**GIVEN ENTRIES**
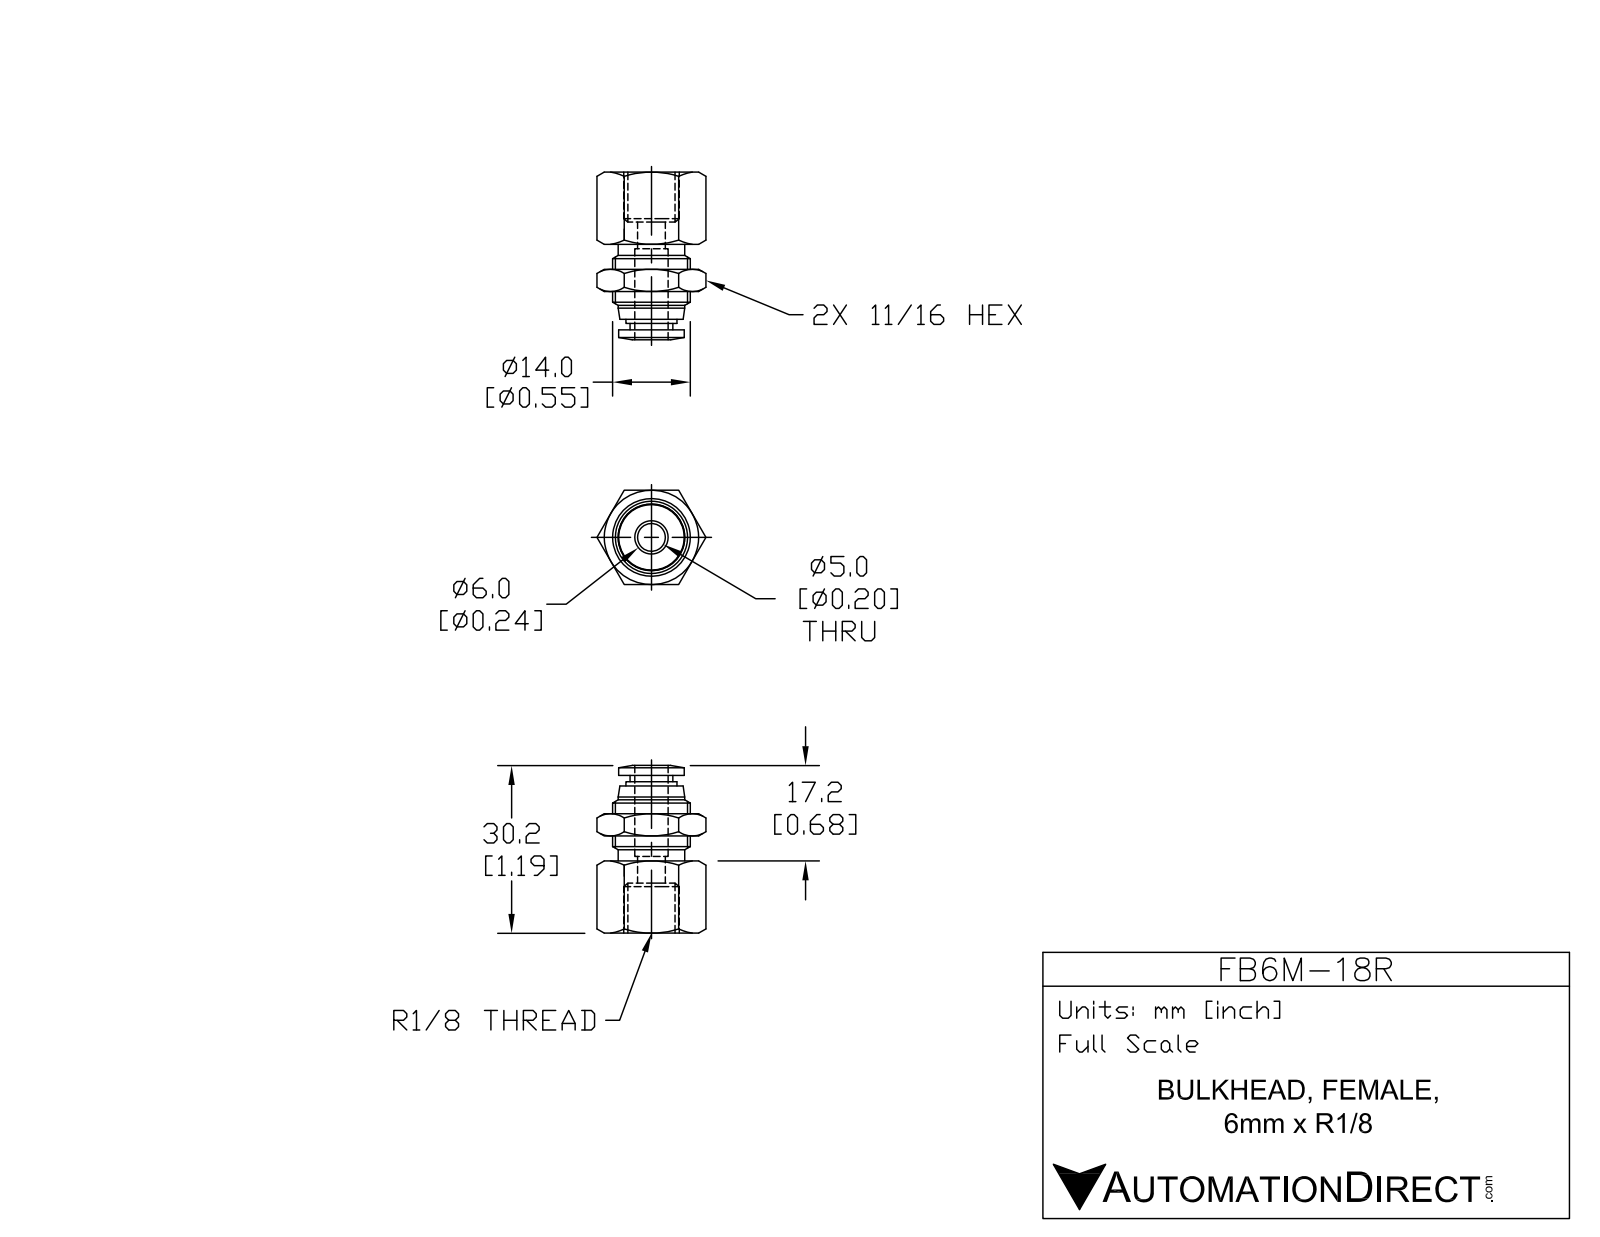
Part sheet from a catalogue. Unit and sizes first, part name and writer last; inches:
Units: inches
Overall size (bounding box): 1.189 × 0.773 × 0.669
Round holes (diameter × count): ⌀0.197 ×1, ⌀0.248 ×1
Round bosses / shafts (diameter × count): ⌀0.551 ×1, ⌀0.472 ×1, ⌀0.465 ×1, ⌀0.362 ×1, ⌀0.303 ×1
Main face-to-face distances: 0.669, 0.325, 0.157, 0.512, 0.837, 0.679, 0.167, 1.118, 0.606, 0.439
Volume: 0.276 in³ · Surface area: 4.516 in²
Bodies: 1 solid, 80 faces (22 planar, 18 cylindrical, 40 other)
Part name (STEP PRODUCT): FB6M-18R
STEP written by: SolidWorks 2015 (AUTOMOTIVE_DESIGN)
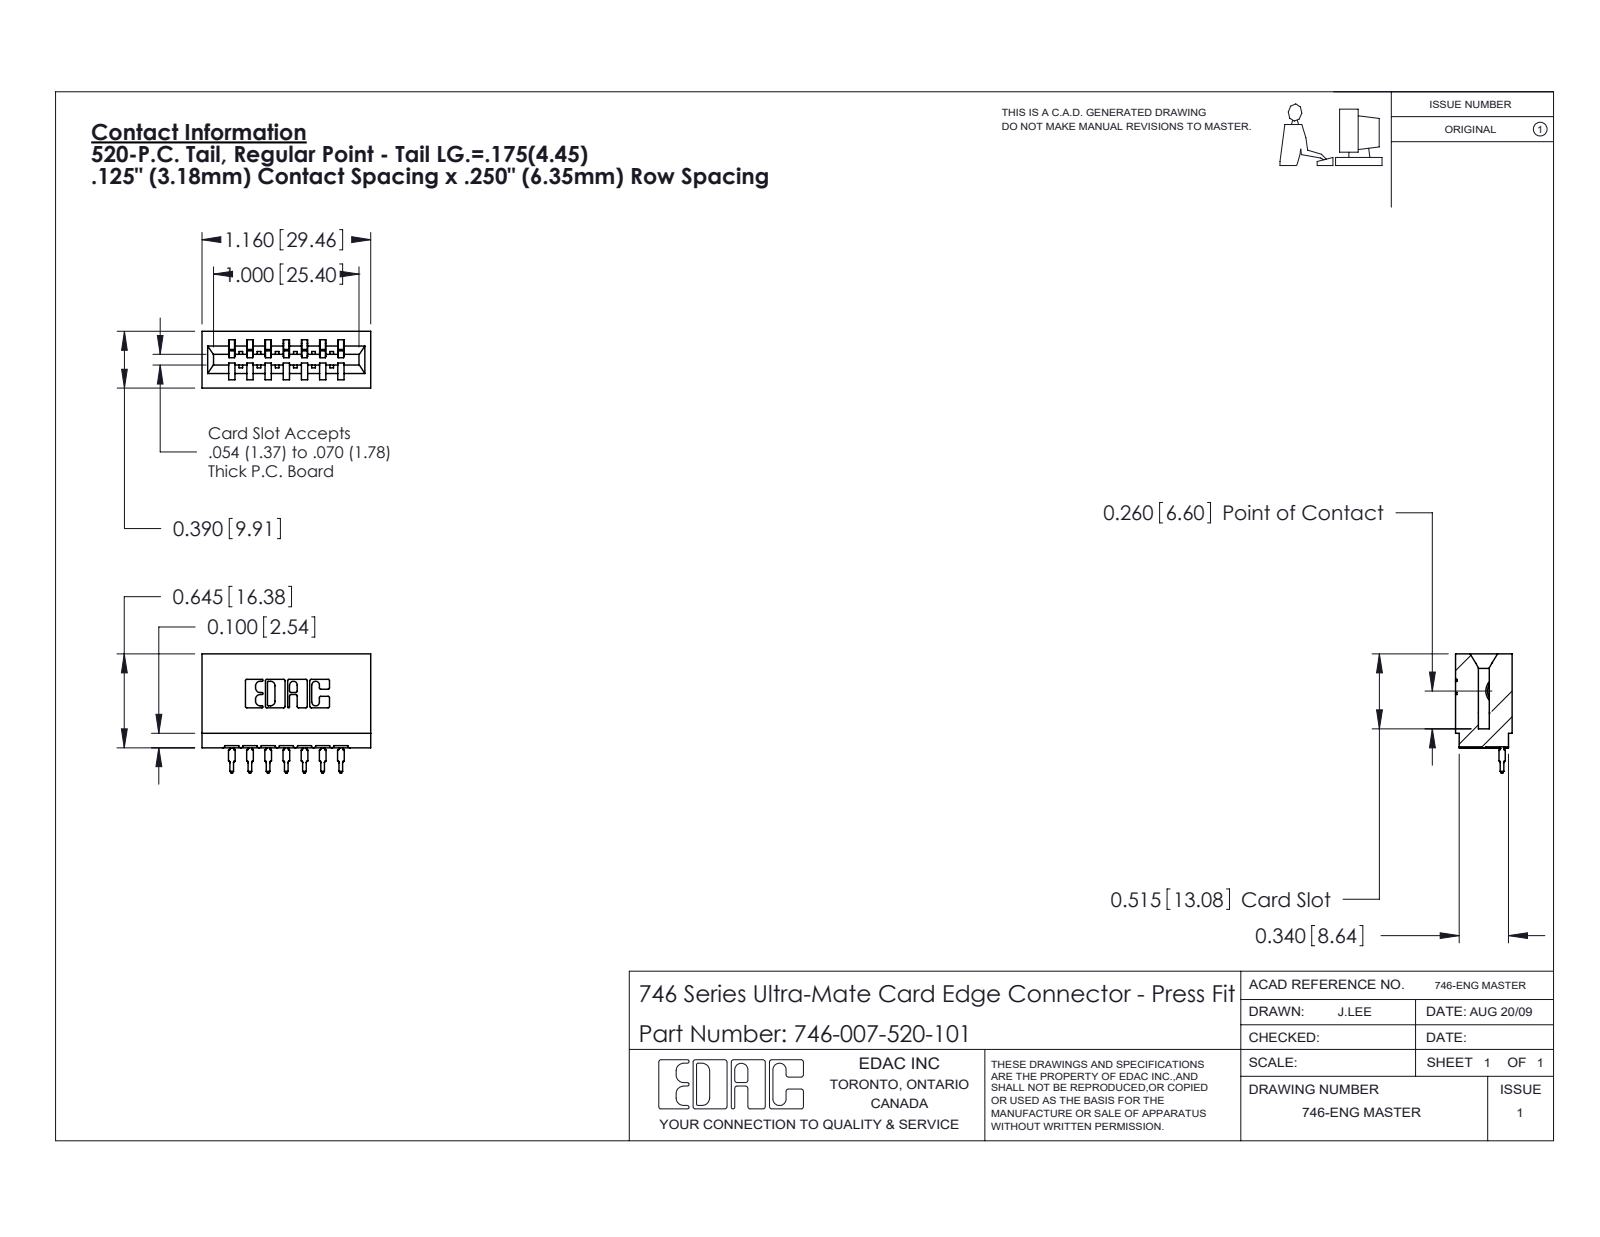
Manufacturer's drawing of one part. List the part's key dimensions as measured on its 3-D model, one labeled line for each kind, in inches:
Part name (STEP PRODUCT): 746 Part_.515 Slot Depth - 01; 746-007-520-101; 746-292-001_520
STEP written by: SolidWorks 2020 (CONFIG_CONTROL_DESIGN)
Units: inches
Bodies: 8 solids, 853 faces (496 planar, 175 cylindrical, 182 other)
Overall size (bounding box): 1.16 × 0.819 × 0.39
Volume: 0.202 in³ · Surface area: 6.608 in²
Partial cylindrical surfaces — rounded edges, fillets, slot ends (radius × count): R0.01 ×22, R0.021 ×14, R0.015 ×8, R0.007 ×6, R0.031 ×6, R0.005 ×4, R0.011 ×4, R0.026 ×3
Main face-to-face distances: 0.25, 0.042, 0.333, 0.125, 0.5, 0.125, 0.057, 0.292, 0.208, 0.39

**TASK TO CARRY OUT**
What is needed is an exact copy of every entry, minus the images.

**REPLY TO THE EXERCISE**
Part sheet from a catalogue. Unit and sizes first, part name and writer last; inches:
Units: inches
Overall size (bounding box): 1.189 × 0.773 × 0.669
Round holes (diameter × count): ⌀0.197 ×1, ⌀0.248 ×1
Round bosses / shafts (diameter × count): ⌀0.551 ×1, ⌀0.472 ×1, ⌀0.465 ×1, ⌀0.362 ×1, ⌀0.303 ×1
Main face-to-face distances: 0.669, 0.325, 0.157, 0.512, 0.837, 0.679, 0.167, 1.118, 0.606, 0.439
Volume: 0.276 in³ · Surface area: 4.516 in²
Bodies: 1 solid, 80 faces (22 planar, 18 cylindrical, 40 other)
Part name (STEP PRODUCT): FB6M-18R
STEP written by: SolidWorks 2015 (AUTOMOTIVE_DESIGN)
Manufacturer's drawing of one part. List the part's key dimensions as measured on its 3-D model, one labeled line for each kind, in inches:
Part name (STEP PRODUCT): 746 Part_.515 Slot Depth - 01; 746-007-520-101; 746-292-001_520
STEP written by: SolidWorks 2020 (CONFIG_CONTROL_DESIGN)
Units: inches
Bodies: 8 solids, 853 faces (496 planar, 175 cylindrical, 182 other)
Overall size (bounding box): 1.16 × 0.819 × 0.39
Volume: 0.202 in³ · Surface area: 6.608 in²
Partial cylindrical surfaces — rounded edges, fillets, slot ends (radius × count): R0.01 ×22, R0.021 ×14, R0.015 ×8, R0.007 ×6, R0.031 ×6, R0.005 ×4, R0.011 ×4, R0.026 ×3
Main face-to-face distances: 0.25, 0.042, 0.333, 0.125, 0.5, 0.125, 0.057, 0.292, 0.208, 0.39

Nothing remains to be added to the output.